In my daughter’s room is a sign on her bulletin board that she looks at each morning and night – “Life Isn’t  About  Finding Yourself, Life is About Creating Yourself”.  When I asked her where to start, she wasn’t much help, but her bulletin board sure was. 
For the last 14 years I have been spending parts of my summer in Cape Breton Island, specifically Mabou on Route 19.  I have been embracing the music, the dance and the culture and letting it spill out of my pores in Alberta during the off season.  This past February my family and I decided it was time to chase the dream and make the big move to the place we were missing with every breath of our days.  I sold my business,  I transformed my profession, put the house on the market, and packed up the moving truck.  Within a few short months we were trekking across the country and heading towards a new home and a new way of life.
I thought I had found myself already.  I thought I had created the person I wanted to be.  But what I noticed every day,  was that the schedule was predictable, the demands were the same, and I had created a life that was fabulous but consistent.  If I were to pass from this world tomorrow, would I be happy with all the choices I had made?  Would I have chased my dreams?  Would I be happy with the successes I had achieved and sustained?  Yes, I would.  But, what if I didn’t leave the world tomorrow?  Could I try something completely different?  Could I embrace shaking up the core of my being?  Would I find something I didn’t know existed, and would it be better than where I was presently viewing life?
Many people are happy to live in the same house for most of their lives, work at their profession until retirement at 65, and then look at doing some travelling in old age.  Why wait?  What are you waiting for?  My husband and I had a plan, and we were on that path.  But, our hearts were really somewhere else and we wanted to be there.  We wanted to slow down.  We wanted more time together.  We wanted to be enjoying life, not just counting the days until we could experience the real things we wanted in life.  Life is too short to count down!
One of the most amazing experiences during this transitional period was the beginning of work with ACE Communities.  Active, Creative and Engaging assignments began to open up my world for consulting as a dance workshop specialist.   I had no idea the fun that I could have teaching dance in rural communities.  I discovered a lot about myself and my ability to teach on the fly when plans shifted on a dime.  I was amazed at the resources I had established and that I could share with others.  I had always worked for myself in the dance profession, and now I had a team and an incredible leader to guide me.  There was a whole other world out there once I left the safety of my dance studio space and my students and teachers.  And, working with musicians was a dream that I had had, but never had time to pursue.  Our ACE team consisted of two dance teachers and two musicians.  We were all passionate about the Arts and all eager to share.  Working as a professional team was uplifting and fun.

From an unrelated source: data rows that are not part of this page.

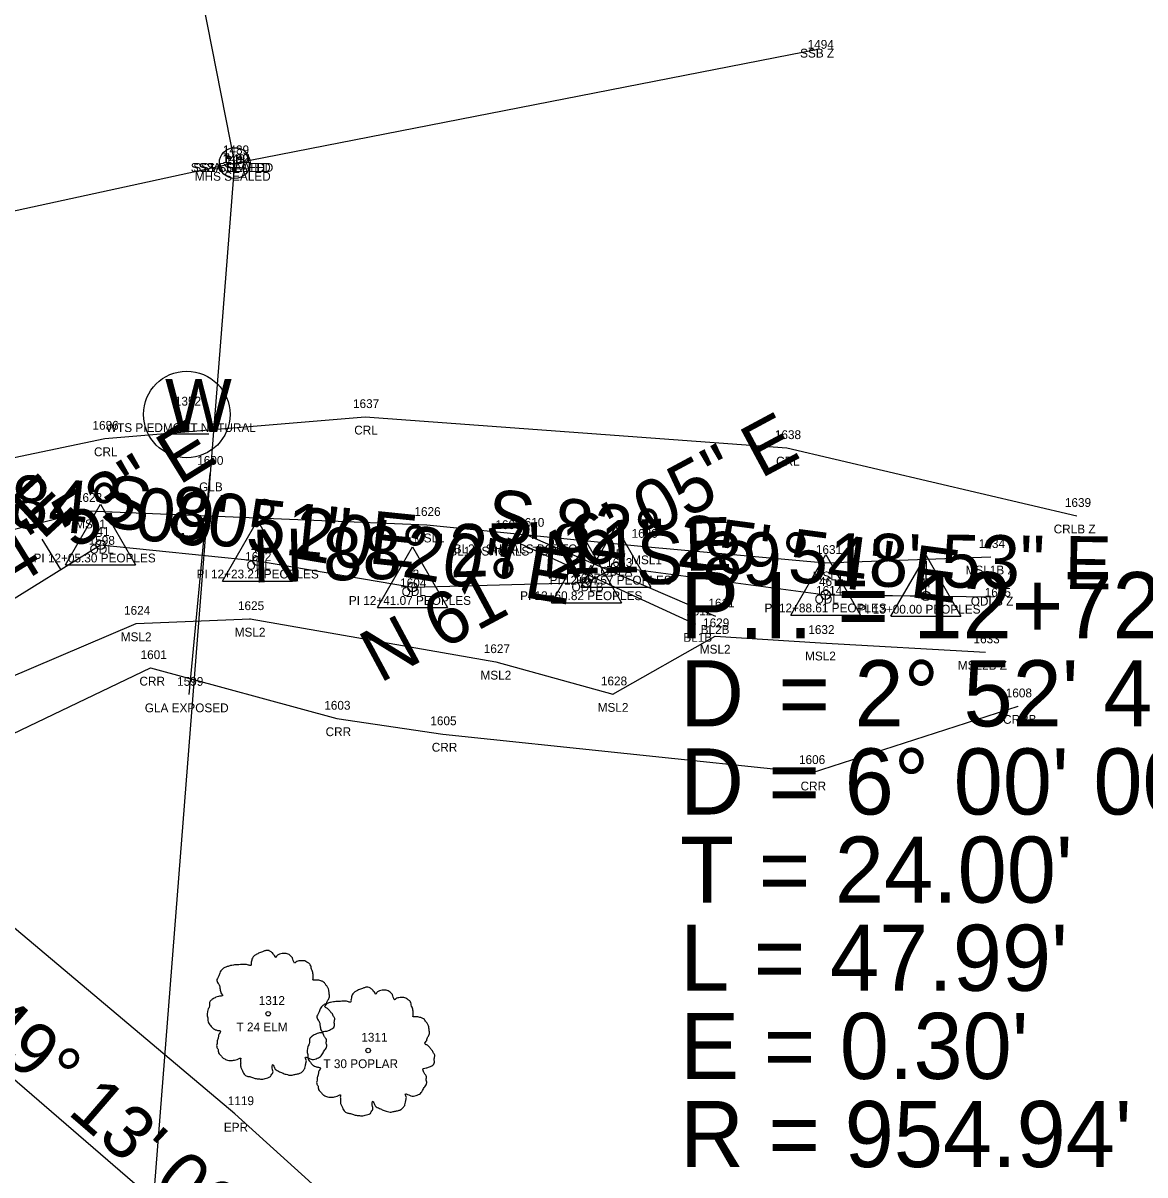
# Model space of a CAD drawing. Extents: x 1812340 to 1815011, y 1177659 to 1180159.
# Drawn here: x 1813793.4 to 1813920.8, y 1178663.1 to 1178793.8 of the extents above; entities that cross this region are included whole.
import ezdxf

# ---------------------------------------------------------------- set-up
doc = ezdxf.new("R2010")
doc.units = 0
for name, color, linetype in [('RD_DTM_BkLn1', 7, 'Continuous'), ('RD_EX_DR_Inlet', 7, 'Continuous'), ('RD_EX_H2O', 7, 'Continuous'), ('RD_EX_H2O_txCode', 7, 'Continuous'), ('RD_EX_Misc', 7, 'Continuous'), ('RD_EX_Misc_txCode', 7, 'Continuous'), ('RD_EX_Road', 7, 'Continuous'), ('RD_EX_Road_txCode', 7, 'Continuous'), ('RD_EX_UT', 7, 'Continuous'), ('RD_EX_UT_txCode', 7, 'Continuous'), ('RD_EX_VEG', 7, 'Continuous'), ('RD_EX_VEG_txCode', 7, 'Continuous'), ('RD_HC_CL', 7, 'Continuous'), ('RD_HC_Data', 7, 'Continuous'), ('RD_HC_Data_Tic', 7, 'Continuous'), ('RD_HC_txCode', 7, 'Continuous'), ('RD_SMD_Locator', 7, 'Continuous'), ('RD_SMD_Misc', 7, 'Continuous')]:
    doc.layers.add(name, color=color, linetype=linetype)

msp = doc.modelspace()

# ---------------------------------------------------------------- linework, layer by layer
at = {"layer": 'RD_DTM_BkLn1'}
for p, q in [((1813848.44, 1178735.38), (1813869.76, 1178725.59)), ((1813850.74, 1178735.64), (1813872.01, 1178726.49))]:
    msp.add_line(p, q, dxfattribs=at)
at = {"layer": 'RD_EX_DR_Inlet'}
for centre, radius in [((1813817.45, 1178777.9), 1.75), ((1813816.78, 1178778.53), 0.175), ((1813818.01, 1178778.46), 0.175), ((1813817.36, 1178777.24), 0.175)]:
    msp.add_circle(centre, radius, dxfattribs=at)
at = {"layer": 'RD_EX_H2O'}
for points in [[(1813767.83, 1178739.34), (1813802.7, 1178746.65), (1813832.24, 1178749.11), (1813880.12, 1178745.59), (1813913.04, 1178737.89)], [(1813860.69, 1178732.09), (1813884.52, 1178728.93), (1813903.65, 1178728.7)], [(1813747.03, 1178677.41), (1813754.34, 1178684.8), (1813763.95, 1178688.13), (1813782.12, 1178708.31), (1813807.89, 1178720.63), (1813829.02, 1178714.89), (1813841.06, 1178713.13), (1813882.92, 1178708.73), (1813906.37, 1178716.29)]]:
    msp.add_lwpolyline(points, dxfattribs=at)
at = {"layer": 'RD_EX_Misc'}
for points in [[(1813573.26, 1178698.61), (1813581.18, 1178685.42), (1813588.27, 1178683.03), (1813621.87, 1178683.41), (1813652.09, 1178681.47), (1813685.62, 1178688.18), (1813723.85, 1178690.46), (1813735.91, 1178692.91), (1813768.22, 1178723.13), (1813784.54, 1178734.4), (1813800.79, 1178738.46), (1813839.24, 1178736.87), (1813863.9, 1178734.39), (1813884.49, 1178732.56), (1813903.28, 1178733.23)], [(1813591.15, 1178668.77), (1813628.98, 1178667.84), (1813655.76, 1178668.83), (1813686.95, 1178670.41), (1813726.51, 1178669.36), (1813738.94, 1178670.71), (1813788.68, 1178718.19), (1813806.25, 1178725.66), (1813819.18, 1178726.19), (1813847.08, 1178721.31), (1813860.38, 1178717.65), (1813871.97, 1178724.25), (1813883.92, 1178723.48), (1813902.67, 1178722.42)]]:
    msp.add_lwpolyline(points, dxfattribs=at)
at = {"layer": 'RD_EX_Road'}
msp.add_lwpolyline([(1814076.45, 1178427.4), (1814038.86, 1178461.87), (1814001.83, 1178496.62), (1813965.15, 1178531.54), (1813928.08, 1178567.1), (1813892.01, 1178601.23), (1813854.54, 1178636.51), (1813817.44, 1178670.03), (1813779.87, 1178701.64)], dxfattribs=at)
at = {"layer": 'RD_EX_UT'}
for p, q in [((1813809.87, 1178747.19), (1813814.5, 1178747.19)), ((1813812.26, 1178717.6), (1813814.64, 1178742.67))]:
    msp.add_line(p, q, dxfattribs=at)
for points in [[(1813817.45, 1178777.9), (1813754.12, 1179098.9), (1813749.26, 1179176.64)], [(1814122.48, 1178351.31), (1814099.73, 1178371.68), (1813807.05, 1178645.14), (1813817.45, 1178777.9), (1813883.81, 1178790.87)], [(1813817.45, 1178777.9), (1813490.2, 1178706.76), (1813294.33, 1178669.42)]]:
    msp.add_lwpolyline(points, dxfattribs=at)
msp.add_circle((1813812, 1178749.39), 4.91, dxfattribs=at)
at = {"layer": 'RD_EX_VEG'}
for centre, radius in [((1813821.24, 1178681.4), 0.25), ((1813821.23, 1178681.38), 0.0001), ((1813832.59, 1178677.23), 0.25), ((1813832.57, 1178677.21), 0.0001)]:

So, I have begun the process to re-create myself, and it is a fun and eye-opening journey.  There are days that are challenging, and I wonder if I should have held on to those incredible students I had trained.  Then there are days when I get to sit at my computer and research background on new programs I am building about dance and movement, and I feel free with the time that is in my own hands.  And then there are days when my husband and I have a nap in the middle of the afternoon, and we smile at each other and repeat our new motto:  Because we Can!  Life is what you make it, and we have choices.  I embrace each day and the new opportunities.  “Life is About Creating Yourself” and I am thrilled to say: “Because I Can!”